The results, in Figure 2, provide a mixed picture with some large euro area countries lying below the
zero line (i.e. Italy, Spain, the Netherlands) while others, e.g. France and Belgium, lying slightly above
zero. These results confirm our previous findings, suggesting that the hazard to retirement is mixed
and can not be reconciled with membership to the euro area. For the early retirement regression, the
picture changes only slightly with some countries moving around the zero line (e.g. France, Italy and
Denmark).
Although, there are no significant differences across regions there are clear differences across
countries. On average, however, more prone to retirement countries are also those who are more prone
to retire earlier.
Figure 2 Frailty terms for EU member states, retirement (left-hand side) and early retirement (righthand side)
22
5
CONCLUSIONS
Schemes to curb public expenditures by increasing the minimum retirement age represents important
arguments of discussion in the bargaining set up (see also Hicks, 2011). However, understanding in
greater details the motivations for retirements could assist the formulation of policies that might
encourage the return of retirees to employment or decrease the incentives of withdrawing earlier from
the labour market.
Workers are often assumed to dace the choice of leaving the labour market based on their own
preferences (Fengler, 1975; Hayward, Grady and McLaughlin, 1988) and / or based on the trade-off
between market work versus home production or leisure (for an overview see Bazzoli, 1985; Blöndal
and Scarpetta, 1999; Duval, 2003; Gruber and Wise, 2002; Meghir and Whitehouse, 1997). In
practice, however, different constraints can influence the labour force participation decision of the
elderly.
In this paper a wide set of socio-economic and environmental variables is employed to study exits into
retirement in the EU. Based on longitudinal data from the Eurostat Survey on Income and Living
Conditions (EU-SILC), over the period 2004-2009, we analyse the probability of retiring at a given
age, given that the person has not retired yet. A number of stylized facts are documented.
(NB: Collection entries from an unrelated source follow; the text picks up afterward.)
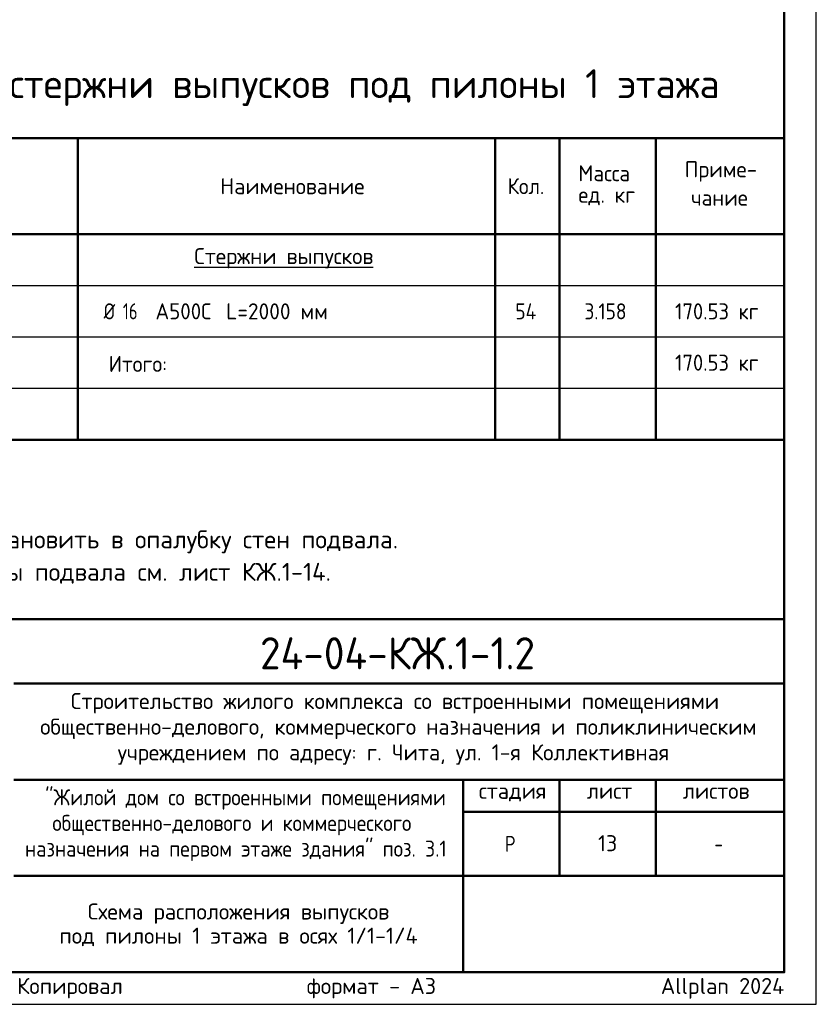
# Model space of a CAD drawing. Header units: millimetres. Extents: x 0 to 42000, y 0 to 29700.
# Tile 3 of 6: x 29593 to 42000, y 0 to 15342. Entities that reach past the tile are written whole.
import ezdxf

# ---------------------------------------------------------------- set-up
doc = ezdxf.new("R2010")
doc.units = ezdxf.units.MM
doc.layers.add('Standard', color=7, linetype='Continuous', lineweight=25)
doc.layers.add('Надписи', color=7, linetype='Continuous', lineweight=25)
doc.styles.add('ISOCPEUR', font='txt')

msp = doc.modelspace()

# ---------------------------------------------------------------- linework, layer by layer
at = {"layer": 'Standard', "color": 7, "linetype": 'Continuous', "lineweight": 50, "transparency": 33554687}
for p, q in [((41500, 13498), (23000, 13498)), ((30500, 13498), (30500, 11998)), ((37000, 13498), (37000, 11998)), ((38000, 13498), (38000, 11998)), ((39500, 13498), (39500, 11998)), ((41500, 13498), (41500, 11998)), ((41500, 11998), (23000, 11998)), ((30500, 11998), (30500, 8798)), ((37000, 11998), (37000, 8798)), ((38000, 11998), (38000, 8798)), ((39500, 11998), (39500, 8798)), ((41500, 11998), (41500, 8798)), ((41500, 8798), (23000, 8798)), ((23000, 6000), (41500, 6000)), ((29500, 5000), (41500, 5000)), ((29500, 3500), (41500, 3500)), ((36500, 2000), (36500, 3500)), ((38000, 2000), (38000, 3500)), ((39500, 2000), (39500, 3500)), ((36500, 3000), (41500, 3000)), ((29500, 2000), (41500, 2000)), ((36500, 500), (36500, 2000)), ((36500, 500), (36500, 2000))]:
    msp.add_line(p, q, dxfattribs=at)
at = {"layer": 'Standard', "color": 7, "linetype": 'Continuous', "lineweight": -3, "transparency": 33554687}
for p, q in [((41500, 11198), (23000, 11198)), ((41500, 10398), (23000, 10398)), ((41500, 9598), (23000, 9598))]:
    msp.add_line(p, q, dxfattribs=at)
at = {"layer": 'Standard', "color": 7, "linetype": 'Continuous', "lineweight": 25, "transparency": 33554687}
for p, q in [((41500, 500), (41500, 6000)), ((23000, 500), (41500, 500)), ((23000, 500), (41500, 500)), ((23000, 500), (41500, 500))]:
    msp.add_line(p, q, dxfattribs=at)
msp.add_lwpolyline([(0, 0), (42000, 0), (42000, 29700), (0, 29700), (0, 0)], close=True, dxfattribs=at)
at = {"layer": 'Standard', "color": 7, "linetype": 'Continuous', "lineweight": 50, "transparency": 33554687}
msp.add_lwpolyline([(2000, 29200), (41500, 29200), (41500, 500), (2000, 500), (2000, 29200)], close=True, dxfattribs=at)
at = {"layer": 'Standard', "color": 7, "linetype": 'Continuous', "lineweight": 13, "transparency": 33554687}
msp.add_lwpolyline([(41500, 29200), (23000, 29200), (23000, 6000), (41500, 6000), (41500, 29200)], dxfattribs=at)
at = {"layer": 'Standard', "color": 7, "linetype": 'Continuous', "lineweight": 50, "transparency": 33554687}
msp.add_lwpolyline([(21000, 17098), (21000, 6000), (41500, 6000), (41500, 17098), (21000, 17098)], dxfattribs=at)
at = {"layer": 'Standard', "color": 7, "linetype": 'Continuous', "lineweight": 25, "transparency": 33554687}
msp.add_lwpolyline([(41500, 6000), (23000, 6000), (23000, 500), (41500, 500), (41500, 6000)], dxfattribs=at)

# ---------------------------------------------------------------- texts
at = {"layer": 'Standard', "color": 7, "linetype": 'Continuous', "lineweight": 50, "transparency": 33554687, "attachment_point": 7, "style": 'ISOCPEUR'}
for s, insert, char_height, width in [('\\W0.99;Спецификация на стержни выпусков под пилоны 1 этажа', (24060, 13998), 450, 16594.42), ('\\W0.94;24-04-КЖ.1-1.2', (33335, 5218), 500, 4831.97)]:
    msp.add_mtext(s, dxfattribs=dict(at, insert=insert, char_height=char_height, width=width))
at = {"layer": 'Standard', "color": 7, "linetype": 'Continuous', "lineweight": 25, "transparency": 33554687, "char_height": 250, "attachment_point": 7, "style": 'ISOCPEUR'}
for s, insert, width in [('\\W0.95;Масса', (38294, 12825), 1043.43), ('\\W0.96;Приме-', (39950, 12819), 1218.74), ('\\W0.98;Наименование', (32717, 12623), 2320.66), ('\\W0.93;Кол.', (37191, 12623), 740.2), ('\\W0.95;ед. кг', (38294, 12450), 1042.91), ('\\W0.95;чание', (40050, 12444), 1017.69), ('\\W0.98;{\\LСтержни выпусков}', (32312, 11466), 2996.16), ('\\W0.83;Ø', (30900, 10673), 354.18), ('\\W0.75;16', (31199, 10673), 393.57), ('\\W0.95;А500С', (31707, 10673), 1042.9), ('\\W0.97;L=2000 мм', (32808, 10673), 1720.16), ('\\W0.88;54', (37312, 10673), 484.99), ('\\W0.88;3.158', (38388, 10673), 834.26), ('\\W0.93;170.53 кг', (39800, 10673), 1515.71), ('\\W0.93;170.53 кг', (39800, 9873), 1515.71), ('\\W0.95;Итого:', (30979, 9854), 1143.46), ('\\W0.99;Строительство жилого комплекса со встроенными помещениями', (30388, 4533), 10343.94), ('\\W0.99;общественно-делового, коммерческого назначения и поликлиническим', (29912, 4133), 11292.27), ('\\W0.99;учреждением по адресу: г. Чита, ул. 1-я Коллективная', (31119, 3733), 8881.18), ('\\W0.90;"Жилой дом со встроенными помещениями', (29989, 3033), 6132.51), ('\\W0.90;общественно-делового и коммерческого', (30102, 2633), 5904.55), ('\\W0.99;стадия    лист     листов', (36743, 3162), 4372.59), ('\\W0.90;назначения на первом этаже здания" поз. 3.1', (29676, 2233), 6756.08), ('\\W0.80;Р', (37150, 2375), 299.86), ('\\W0.78;-', (40412, 2375), 272.01)]:
    msp.add_mtext(s, dxfattribs=dict(at, insert=insert, width=width))
at = {"layer": 'Standard', "color": 7, "linetype": 'Continuous', "lineweight": 13, "transparency": 33554687, "insert": (23000, 7891), "char_height": 280, "width": 12730.9, "attachment_point": 1, "line_spacing_factor": 1.084337}
msp.add_mtext('\\A1;{\\fISOCPEUR|i0|b0;\\H279.999995;\\W1.000000;\\C7;1. Общие указания см. листы КЖ.1-1.}\\P{\\fISOCPEUR|i0|b0;\\H279.999995;\\W1.000000;\\C7;2. Выпуски под пилоны 1 этажа установить в опалубку стен подвала.}\\P{\\fISOCPEUR|i0|b0;\\H279.999995;\\W1.000000;\\C7;3. Ведомость расхода стали на стены подвала см. лист КЖ.1-14.}\\P', dxfattribs=at)
at = {"layer": 'Standard', "color": 7, "linetype": 'Continuous', "lineweight": 25, "transparency": 33554687, "insert": (33000, 1571), "char_height": 250, "width": 5691.88, "attachment_point": 2, "line_spacing_factor": 0.903614}
msp.add_mtext('\\A1;{\\fISOCPEUR|i0|b0;\\H250.000000;\\W1.000000;\\C7;Схема расположения выпусков}\\P{\\fISOCPEUR|i0|b0;\\H250.000000;\\W1.000000;\\C7;под пилоны 1 этажа в осях 1/1-1/4}\\P', dxfattribs=at)
at = {"layer": 'Standard', "color": 8, "linetype": 'Continuous', "lineweight": 13, "transparency": 33554687, "insert": (41500, 248), "char_height": 250, "width": 11749.46, "attachment_point": 6, "style": 'ISOCPEUR'}
msp.add_mtext('\\A1;{\\fISOCPEUR|i0|b0;\\H250.000000;\\W1.000000;\\C8;Копировал                  формат - А3                      Allplan 2024}\\P', dxfattribs=at)
at = {"layer": 'Надписи', "color": 7, "linetype": 'Continuous', "lineweight": 13, "transparency": 33554687, "insert": (38750, 2510), "char_height": 250, "width": 393.75, "attachment_point": 5, "style": 'ISOCPEUR'}
msp.add_mtext('\\A1;{\\fISOCPEUR|i0|b0;\\H250.000000;\\W1.000000;\\C7;13}\\P', dxfattribs=at)

doc.saveas('drawing.dxf')

First, after controlling for (un)measured risk factor affecting the hazard to retire in each country, we
find no significant differences, on average, in the patterns of retirement between residents in the euro
area and the EU non-euro area countries. Second, shifts into retirement have increased during the
onset of the 2009 economic and financial crisis, when controlling for income effects. Income and
benefits are found to be important also as regards early retirement decisions, when accumulated
income / wealth is presumably lower, compared to retiring beyond the legal retirement age. In the
same vein, flexible working arrangements are found to be particularly important for workers to keep
working beyond the legal retirement age. Thus, making use of partial working arrangements could
modify retirement patterns towards postponing the age of withdrawing from the labour market.
Finally, this analysis shows overall that, among all the institutional measures scrutinized (state/health
benefits, minimum retirement age, etc.), none could be sufficient alone if individuals withdraw from
the labour market before the legal retirement age due to a weakening of their health. Particularly, for
early retirees, policies aimed at improving the health of the workforce and at keeping people who
experience health problems active may be essential.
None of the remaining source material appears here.